Some observers are happy to declare voters are just plain dumb, corks bobbing on an ocean of unseen psychological and sociological currents. Optimists point to Samuel Popkin’s “low information” thesis as evidence that voters react to seemingly irrelevant signals that nonetheless provide short-cuts to larger candidate traits, like familiarity with an ethnic group or socio-economic class. (A good survey of dominant theories of voter behavior is here.)

Which is why so many candidates try to send messages that contradict their intended unpopular policies. Abraham Lincoln, accused of supporting slaves’ citizenship rights by Stephen Douglas in their famous 1858 contest for the U.S. Senate, tried to convince voters he was strongly opposed to full equality for blacks in the first quote above. In the second, Franklin Roosevelt, facing a concerted attack by the isolationist Wendell Wilkie as war engulfed Europe during the presidential campaign of 1940, felt compelled to assure Boston voters that he would not send them to fight against Hitler.

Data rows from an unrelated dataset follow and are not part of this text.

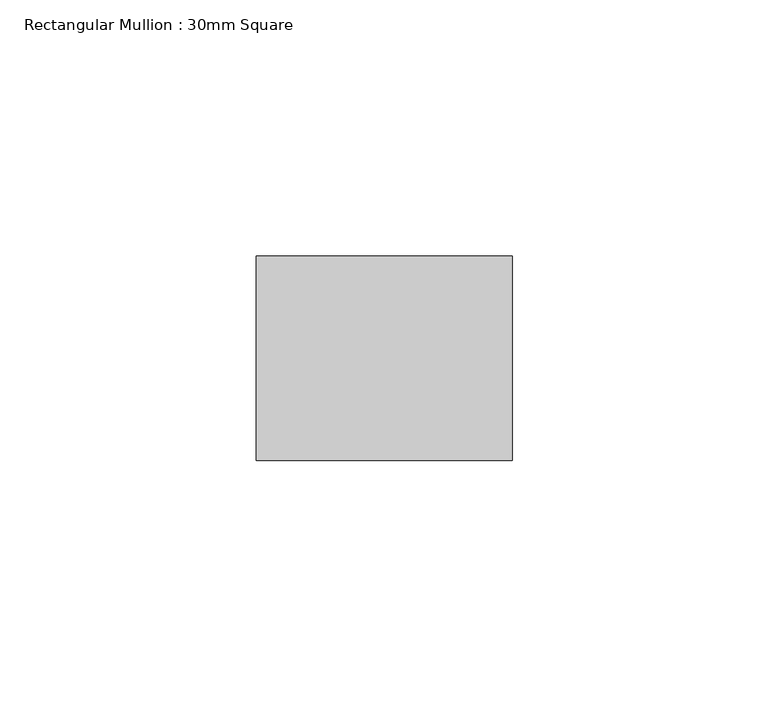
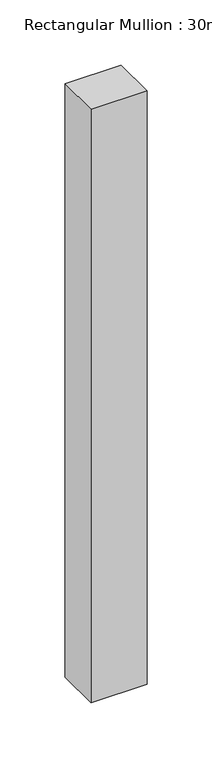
"""IFC4 building model written with IfcOpenShell, lengths in millimetres: member geometry, Rectangular Mullion : 30mm Square."""

from ifc_helpers import new_model, si_unit, frame, origin, place, context, project, spatial, polyline, outline, extrude, source, transform, mapped, element, save


def rectangular_mullion_30mm_square_0105706c(model_context):
    return source(origin(), model_context, "Body", "SweptSolid", [
        extrude(outline(polyline([(0.0, 20.0), (0.0, -20.0), (-50.0, -20.0), (-50.0, 20.0), (0.0, 20.0)])), frame((0.0, 0.0, -557.1900063), z_axis=(0.0, 0.0, 1.0), x_axis=(1.0, 0.0, 0.0)), (0.0, 0.0, 1.0), 557.1900063),
    ])


if __name__ == "__main__":
    model = new_model("IFC4")
    model_context = context("Model", 3, world=origin())
    ifc_project = project(units=[si_unit("LENGTHUNIT", "METRE", prefix="MILLI")], contexts=[model_context])
    site = spatial("IfcSite", under=ifc_project)
    building = spatial("IfcBuilding", under=site)
    placement = place(None, origin())
    rectangular_mullion_30mm_square_shape = rectangular_mullion_30mm_square_0105706c(model_context)
    element("IfcMember", 1, ObjectType="Rectangular Mullion : 30mm Square", at=placement, inside=building, context=model_context, shape_type="MappedRepresentation", body=[
        mapped(rectangular_mullion_30mm_square_shape, transform((0.0, 0.0, 0.0), x_axis=(1.0, 0.0, 0.0), y_axis=(0.0, 1.0, 0.0), z_axis=(0.0, 0.0, 1.0))),
    ])
    save(model, "model.ifc")
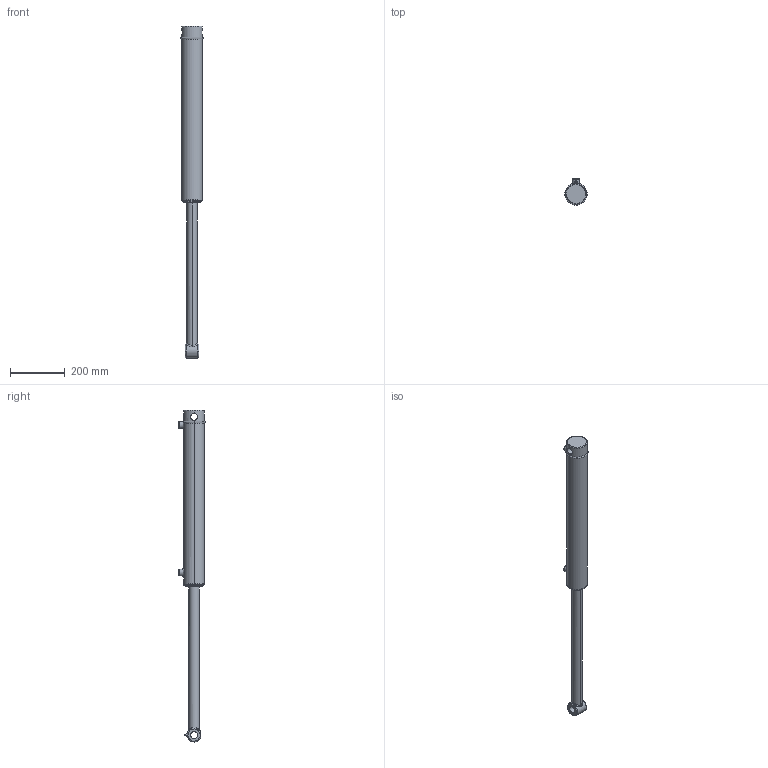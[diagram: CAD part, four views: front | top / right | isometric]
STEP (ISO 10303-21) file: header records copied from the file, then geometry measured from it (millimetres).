
FILE_DESCRIPTION (( 'STEP AP203' ), '1' );
FILE_NAME ('SB-C250150x508 (20) extended.STEP', '2014-11-19T01:51:41', ( '' ), ( '' ), 'SwSTEP 2.0', 'SolidWorks 2014', '' );
FILE_SCHEMA (( 'CONFIG_CONTROL_DESIGN' ));
Length unit declared in the file: millimetre
Products named in the file (7): 18 NPT GREASE NIPPLE; SPARE 20; SB-C250150x508 (20) extended; SB-C250150x508 (20) BODY; SB-C250250X508 (20) BODY; 20 SPARE; 2.5 INCH CIRCLIP
Assembly tree (6 placements, depth 3):
  SB-C250150x508 (20) extended
    SB-C250150x508 (20) BODY
      SB-C250250X508 (20) BODY
      2.5 INCH CIRCLIP
    SPARE 20
      20 SPARE
      18 NPT GREASE NIPPLE
Bounding box: 82.2 x 97.2 x 1217.4 mm (x, y, z)
Volume: 3377748.3 mm3; surface area: 294161.6 mm2
Topology: 4 solids, 4 shells, 135 faces, 315 edges, 197 vertices
Faces by surface type: cylinder 51, plane 29, cone 22, bspline 19, torus 12, sphere 2
Entity records: 10875 total; most frequent: CARTESIAN_POINT 7141, DIRECTION 640, ORIENTED_EDGE 622, EDGE_CURVE 311, AXIS2_PLACEMENT_3D 271, VERTEX_POINT 197, EDGE_LOOP 160, CIRCLE 144
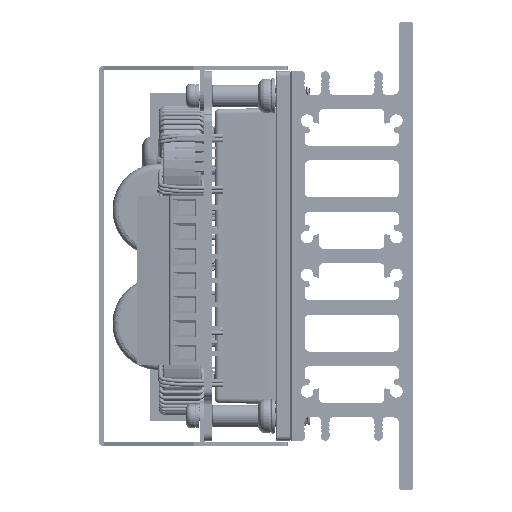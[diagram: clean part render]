
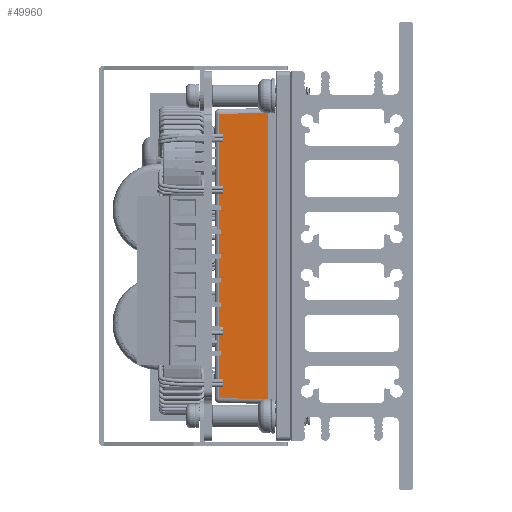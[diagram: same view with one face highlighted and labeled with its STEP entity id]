
A CAD part, left-side view. The second image highlights one B-rep face of the part: STEP entity #49960.
In plain terms, the highlighted planar face has unit normal (-1, 0.018, 0).
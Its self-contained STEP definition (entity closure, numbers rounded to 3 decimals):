
#1164 = ORIENTED_EDGE ( 'NONE', *, *, #153164, .T. ) ;
#10099 = CARTESIAN_POINT ( 'NONE',  ( -5.32, 7.5, 29.5 ) ) ;
#11270 = CARTESIAN_POINT ( 'NONE',  ( -6.143, 17.617, -30.306 ) ) ;
#16222 = DIRECTION ( 'NONE',  ( 0.017, 1., -0.017 ) ) ;
#18320 = VECTOR ( 'NONE', #118800, 1000. ) ;
#25812 = EDGE_CURVE ( 'NONE', #155169, #120090, #223336, .T. ) ;
#28297 = ORIENTED_EDGE ( 'NONE', *, *, #172557, .T. ) ;
#32260 = CARTESIAN_POINT ( 'NONE',  ( -6.32, 7.5, 29.5 ) ) ;
#37544 = CARTESIAN_POINT ( 'NONE',  ( -6.32, 7.5, -29.5 ) ) ;
#42357 = EDGE_CURVE ( 'NONE', #120090, #60958, #42365, .T. ) ;
#42365 = CIRCLE ( 'NONE', #132970, 1. ) ;
#49488 = VECTOR ( 'NONE', #158718, 1000. ) ;
#49647 = ORIENTED_EDGE ( 'NONE', *, *, #25812, .T. ) ;
#49960 = ADVANCED_FACE ( 'NONE', ( #210400 ), #109241, .T. ) ;
#60958 = VERTEX_POINT ( 'NONE', #32260 ) ;
#61689 = CARTESIAN_POINT ( 'NONE',  ( -6.143, 17.617, 29.324 ) ) ;
#62368 = DIRECTION ( 'NONE',  ( 0., 1., 0. ) ) ;
#62605 = VECTOR ( 'NONE', #16222, 1000. ) ;
#71059 = CARTESIAN_POINT ( 'NONE',  ( -6.32, 7.5, 30.5 ) ) ;
#75647 = CARTESIAN_POINT ( 'NONE',  ( -6.32, 7.5, 29.5 ) ) ;
#79371 = DIRECTION ( 'NONE',  ( 0., 0., -1. ) ) ;
#91050 = DIRECTION ( 'NONE',  ( 0.017, 1., 0. ) ) ;
#97883 = VERTEX_POINT ( 'NONE', #61689 ) ;
#100918 = DIRECTION ( 'NONE',  ( 0., 0., -1. ) ) ;
#107255 = VERTEX_POINT ( 'NONE', #211248 ) ;
#109241 = PLANE ( 'NONE',  #134040 ) ;
#110358 = DIRECTION ( 'NONE',  ( -1., 0.017, 0. ) ) ;
#116073 = ORIENTED_EDGE ( 'NONE', *, *, #42357, .T. ) ;
#118800 = DIRECTION ( 'NONE',  ( 0., 0., 1. ) ) ;
#120090 = VERTEX_POINT ( 'NONE', #75647 ) ;
#120137 = LINE ( 'NONE', #189452, #49488 ) ;
#123608 = EDGE_CURVE ( 'NONE', #97883, #107255, #148754, .T. ) ;
#124108 = CARTESIAN_POINT ( 'NONE',  ( -6.32, 7.483, 29.5 ) ) ;
#132970 = AXIS2_PLACEMENT_3D ( 'NONE', #10099, #62368, #79371 ) ;
#134040 = AXIS2_PLACEMENT_3D ( 'NONE', #197856, #110358, #91050 ) ;
#137589 = ORIENTED_EDGE ( 'NONE', *, *, #123608, .T. ) ;
#137788 = VECTOR ( 'NONE', #100918, 1000. ) ;
#148754 = LINE ( 'NONE', #11270, #137788 ) ;
#153164 = EDGE_CURVE ( 'NONE', #107255, #155169, #120137, .T. ) ;
#155169 = VERTEX_POINT ( 'NONE', #37544 ) ;
#158718 = DIRECTION ( 'NONE',  ( -0.017, -1., -0.017 ) ) ;
#171907 = LINE ( 'NONE', #124108, #62605 ) ;
#172557 = EDGE_CURVE ( 'NONE', #60958, #97883, #171907, .T. ) ;
#187525 = EDGE_LOOP ( 'NONE', ( #49647, #116073, #28297, #137589, #1164 ) ) ;
#189452 = CARTESIAN_POINT ( 'NONE',  ( -6.302, 8.547, -29.482 ) ) ;
#197856 = CARTESIAN_POINT ( 'NONE',  ( -6.32, 7.5, 30.5 ) ) ;
#210400 = FACE_OUTER_BOUND ( 'NONE', #187525, .T. ) ;
#211248 = CARTESIAN_POINT ( 'NONE',  ( -6.143, 17.617, -29.324 ) ) ;
#223336 = LINE ( 'NONE', #71059, #18320 ) ;
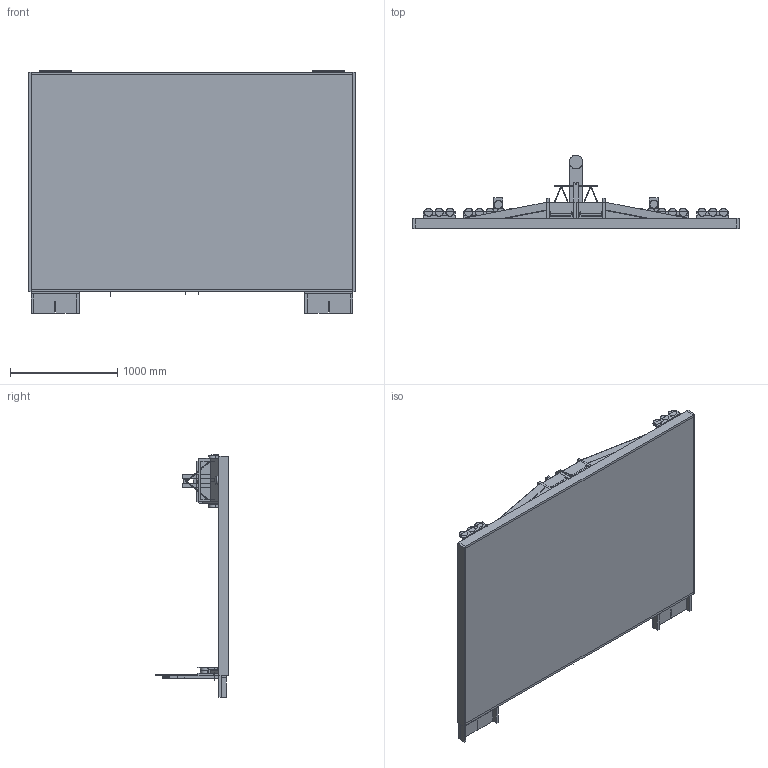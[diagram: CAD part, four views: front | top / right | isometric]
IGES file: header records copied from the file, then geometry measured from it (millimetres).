
Global section: file name: TableElements2019 jrv63; native system: unknown; preprocessor: unknown; author: grinwald; organization: unknown; date: 20181010.075206; units: millimetre
Bounding box: 3044 x 685.04 x 2257 mm (x, y, z)
Volume: 208047208.1 mm3; surface area: 37183304.9 mm2
Topology: 158 solids, 158 shells, 1007 faces, 2127 edges, 1442 vertices
Faces by surface type: bspline 1007

It’s also why the pivotal moments of campaigns are often the seemingly minor missteps when a candidate’s behavior inadvertently contradicts his declared position.

From McGovern seemingly baffled by the option of a kosher hot dog during a campaign stop at a deli to George W. Bush’s rumored drug use to Hillary Clinton’s exaggerated claims about the dangers of her visit to war time Bosnia, voters spend as much time figuring out which issues candidates are lying about as their declared policy positions.

Everyone knows presidential candidates are lying about something, we just don’t necessarily know what. Learning how, when and why a candidate lies can be the most important thing we discover about them.